You know, you have this postmodern approach to movement where everything has equal value. Then you have the ballet world, where only some things have really high value. And then you have this other place in between. I live in that space. I'm not making narratives usually, but there is a narrative component always. This year we're working with Virginia Woolf text because if Wayne McGregor can choreograph Virginia Woolf and use a mostly male creative team to do that, I think we have permission to work with the Virginia Woolf text.

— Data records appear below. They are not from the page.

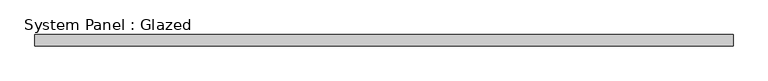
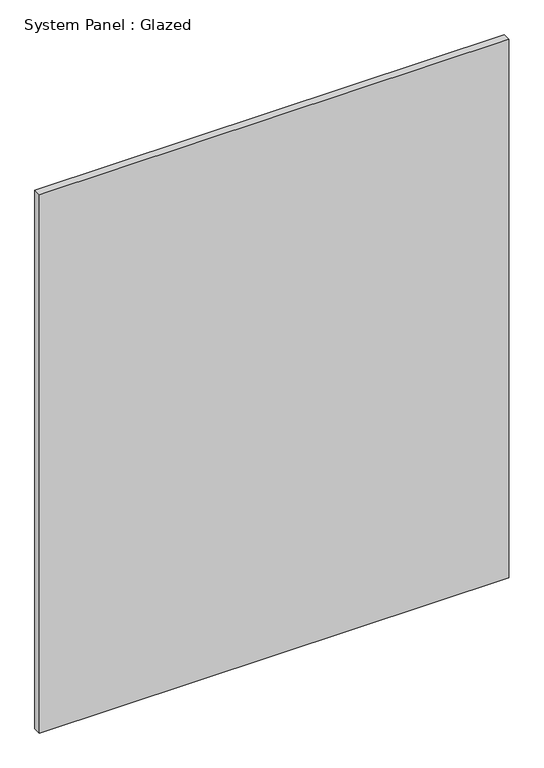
"""IFC4 building model written with IfcOpenShell, lengths in millimetres: plate geometry, System Panel : Glazed."""

from ifc_helpers import new_model, si_unit, origin, origin_with_axes, place, context, project, spatial, polyline, outline, extrude, source, transform, mapped, element, save


def system_panel_glazed_436c25eb(model_context):
    return source(origin(), model_context, "Body", "SweptSolid", [
        extrude(outline(polyline([(790.575, 19.05), (-790.575, 19.05), (-790.575, 44.45), (790.575, 44.45), (790.575, 19.05)])), origin_with_axes(), (0.0, 0.0, 1.0), 1917.7),
    ])


if __name__ == "__main__":
    model = new_model("IFC4")
    model_context = context("Model", 3, world=origin())
    ifc_project = project(units=[si_unit("LENGTHUNIT", "METRE", prefix="MILLI")], contexts=[model_context])
    site = spatial("IfcSite", under=ifc_project)
    building = spatial("IfcBuilding", under=site)
    placement = place(None, origin())
    system_panel_glazed_shape = system_panel_glazed_436c25eb(model_context)
    element("IfcPlate", 1, ObjectType="System Panel : Glazed", at=placement, inside=building, context=model_context, shape_type="MappedRepresentation", body=[
        mapped(system_panel_glazed_shape, transform((0.0, 0.0, 0.0), x_axis=(1.0, 0.0, 0.0), y_axis=(0.0, 1.0, 0.0), z_axis=(0.0, 0.0, 1.0))),
    ])
    save(model, "model.ifc")
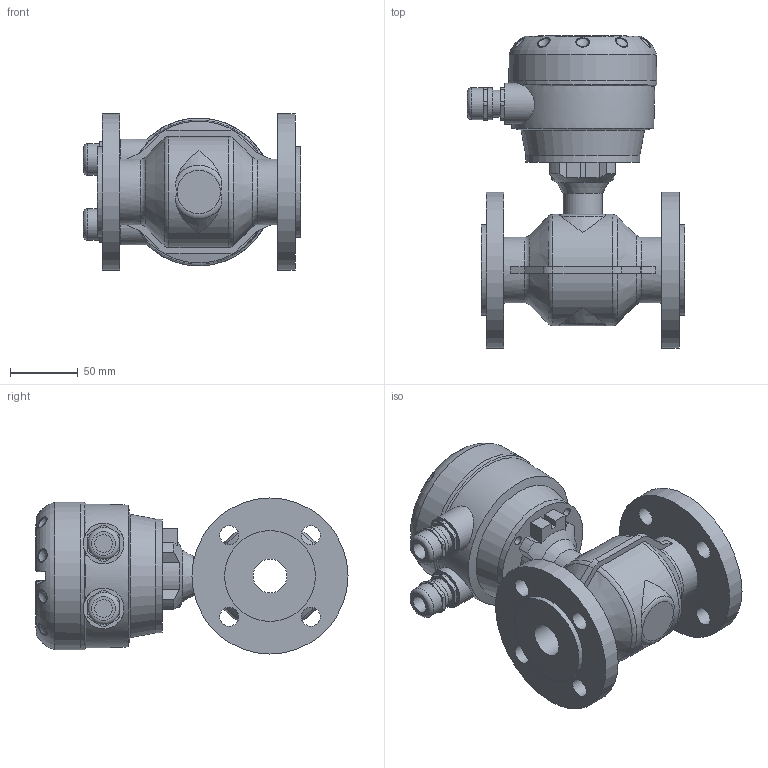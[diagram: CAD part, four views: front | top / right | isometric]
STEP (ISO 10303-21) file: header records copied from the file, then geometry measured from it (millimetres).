
FILE_DESCRIPTION (( 'STEP AP203' ), '1' );
FILE_NAME ('KROHNE_OPTIFLUX_2-4000W_DIN2635_DN25_PN40.STEP', '2011-04-26T11:25:43', ( '' ), ( '' ), 'SwSTEP 2.0', 'SolidWorks 2010', '' );
FILE_SCHEMA (( 'CONFIG_CONTROL_DESIGN' ));
Length unit declared in the file: millimetre
Products named in the file (1): KROHNE_OPTIFLUX_2-4000W_DIN2635_DN25_PN40
Bounding box: 160 x 229.99 x 115 mm (x, y, z)
Volume: 1450807.9 mm3; surface area: 194919 mm2
Topology: 14 solids, 18 shells, 399 faces, 968 edges, 626 vertices
Faces by surface type: plane 183, cylinder 98, bspline 53, torus 34, cone 18, sphere 13
Full cylindrical faces by diameter (mm): 4 x4, 6.6 x8, 13 x2, 14 x8, 20 x2, 23.5 x4, 25 x1, 29 x1, 30 x2, 48.6 x2, 67 x2, 84 x2, 109 x1, 115 x2
Entity records: 16176 total; most frequent: CARTESIAN_POINT 7405, ORIENTED_EDGE 1762, DIRECTION 1661, EDGE_CURVE 881, AXIS2_PLACEMENT_3D 615, VERTEX_POINT 607, EDGE_LOOP 532, FACE_OUTER_BOUND 457
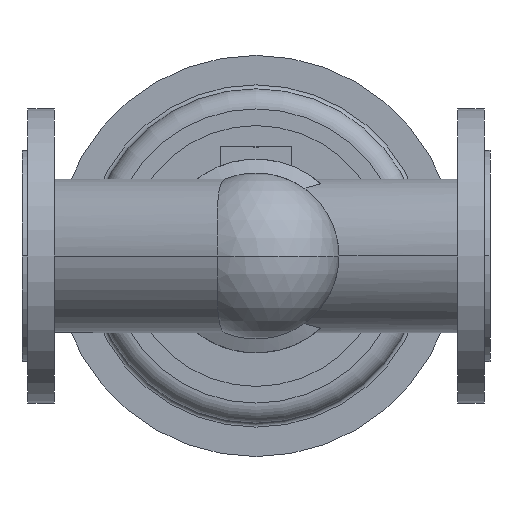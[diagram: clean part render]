
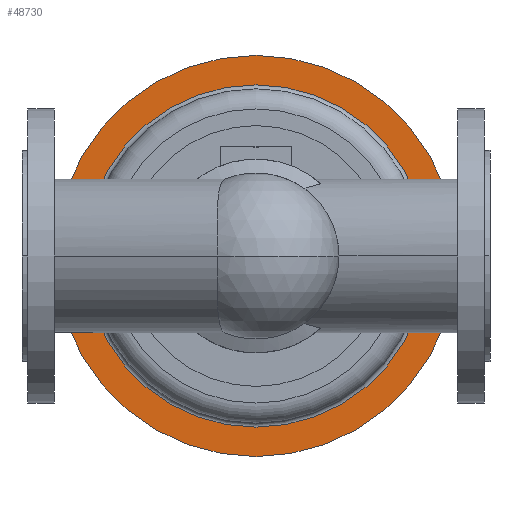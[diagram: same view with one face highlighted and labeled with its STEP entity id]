
A CAD part, front view. The second image highlights one B-rep face of the part: STEP entity #48730.
In plain terms, the highlighted planar face has unit normal (0, -1, 0).
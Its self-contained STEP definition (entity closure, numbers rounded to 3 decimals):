
#33880=CARTESIAN_POINT('',(25.,477.8,0.));
#33890=VERTEX_POINT('',#33880);
#34050=CARTESIAN_POINT('',(325.,477.8,0.));
#34060=VERTEX_POINT('',#34050);
#34090=CARTESIAN_POINT('',(175.,477.8,0.));
#34100=DIRECTION('',(0.,1.,0.));
#34110=DIRECTION('',(1.,0.,0.));
#34120=AXIS2_PLACEMENT_3D('',#34090,#34100,#34110);
#34130=CIRCLE('',#34120,150.);
#34140=EDGE_CURVE('',#33890,#34060,#34130,.T.);
#34310=CARTESIAN_POINT('',(303.,477.8,0.));
#34320=VERTEX_POINT('',#34310);
#34350=CARTESIAN_POINT('',(175.,477.8,0.));
#34360=DIRECTION('',(0.,1.,0.));
#34370=DIRECTION('',(1.,0.,0.));
#34380=AXIS2_PLACEMENT_3D('',#34350,#34360,#34370);
#34390=CIRCLE('',#34380,128.);
#34400=CARTESIAN_POINT('',(47.,477.8,0.));
#34410=VERTEX_POINT('',#34400);
#34420=EDGE_CURVE('',#34320,#34410,#34390,.T.);
#48540=CARTESIAN_POINT('',(314.,477.8,0.));
#48550=DIRECTION('',(0.,-1.,0.));
#48560=DIRECTION('',(-1.,0.,0.));
#48570=AXIS2_PLACEMENT_3D('',#48540,#48550,#48560);
#48580=PLANE('',#48570);
#48590=EDGE_CURVE('',#34060,#33890,#34130,.T.);
#48600=ORIENTED_EDGE('',*,*,#48590,.F.);
#48610=ORIENTED_EDGE('',*,*,#34140,.F.);
#48620=EDGE_LOOP('',(#48610,#48600));
#48630=FACE_OUTER_BOUND('',#48620,.T.);
#48640=ORIENTED_EDGE('',*,*,#34420,.T.);
#48650=CARTESIAN_POINT('',(175.,477.8,128.));
#48660=VERTEX_POINT('',#48650);
#48670=EDGE_CURVE('',#48660,#34320,#34390,.T.);
#48680=ORIENTED_EDGE('',*,*,#48670,.T.);
#48690=EDGE_CURVE('',#34410,#48660,#34390,.T.);
#48700=ORIENTED_EDGE('',*,*,#48690,.T.);
#48710=EDGE_LOOP('',(#48700,#48680,#48640));
#48720=FACE_BOUND('',#48710,.T.);
#48730=ADVANCED_FACE('',(#48630,#48720),#48580,.T.);
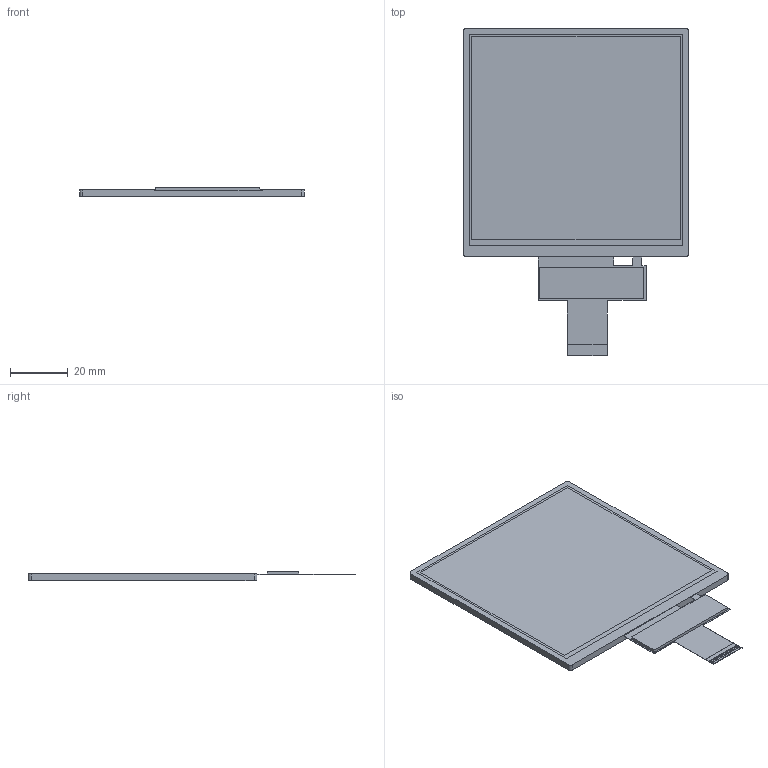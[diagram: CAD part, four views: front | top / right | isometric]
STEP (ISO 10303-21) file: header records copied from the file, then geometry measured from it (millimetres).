
FILE_DESCRIPTION (( 'STEP AP214' ), '1' );
FILE_NAME ('CFAF480480A0-040TN.STEP', '2020-11-11T16:17:44', ( '' ), ( '' ), 'SwSTEP 2.0', 'SolidWorks 2020', '' );
FILE_SCHEMA (( 'AUTOMOTIVE_DESIGN' ));
Length unit declared in the file: millimetre
Products named in the file (1): CFAF480480A0-040TN
Bounding box: 77.66 x 113.09 x 3.12 mm (x, y, z)
Volume: 14560.9 mm3; surface area: 15632.2 mm2
Topology: 49 solids, 49 shells, 620 faces, 1568 edges, 1048 vertices
Faces by surface type: plane 610, cylinder 10
Entity records: 25300 total; most frequent: CARTESIAN_POINT 3237, ORIENTED_EDGE 3136, DIRECTION 2830, EDGE_CURVE 1568, LINE 1548, VECTOR 1548, VERTEX_POINT 1048, UNCERTAINTY_MEASURE_WITH_UNIT 649

I'll tell you one other thing; I use a vector theory approach to dance, which is that dancing in space is directed energy in space. And any point on your body can be directed energy. And the laws of physics say that energy travels in a straight line, so you can't curve. Everything is about force and interrupted force or restrictions on that force. I think that really is tantamount to human intention. What do I do? I walk there to do something. I pick something up, I look over. It’s all about directing energy somewhere.

Women choreographers are still unrepresented in ballet and modern dance. Do you feel that this has changed in the last 10 years? How does CounterPointe think about shifting this narrative?
There may be more confidence and risk taking. I don't like to think of myself as an activist and I don't want CounterPointe to be a place where the political messages outweigh the creative process. I'm not sure that Counterpointe is really capable of shifting anything, but there's extreme value to me in being a place where women can make work and be creative and maybe feel a little less risk because the environment is not so competitive. And that sounds like I'm diminishing it, but I don't mean that. It’s just that not so produced, so tied up in a bow.
What advice would you give to an aspiring female choreographer who wanted to carve out her own creative space in this world?
It's a hard road. Ultimately you have to make work for you. Don't try to be famous. Just make the work you want to make. Do it often. Try to find a group of people who want to work with you. That will help keep you motivated because there is a feedback process.
Don't be afraid of making small works or making big works. Let your artistic vision guide you and really try to cut out the noise. There's a lot of noise. Look at the opportunities, get your applications out there, but just use your own voice and your own creative impulse.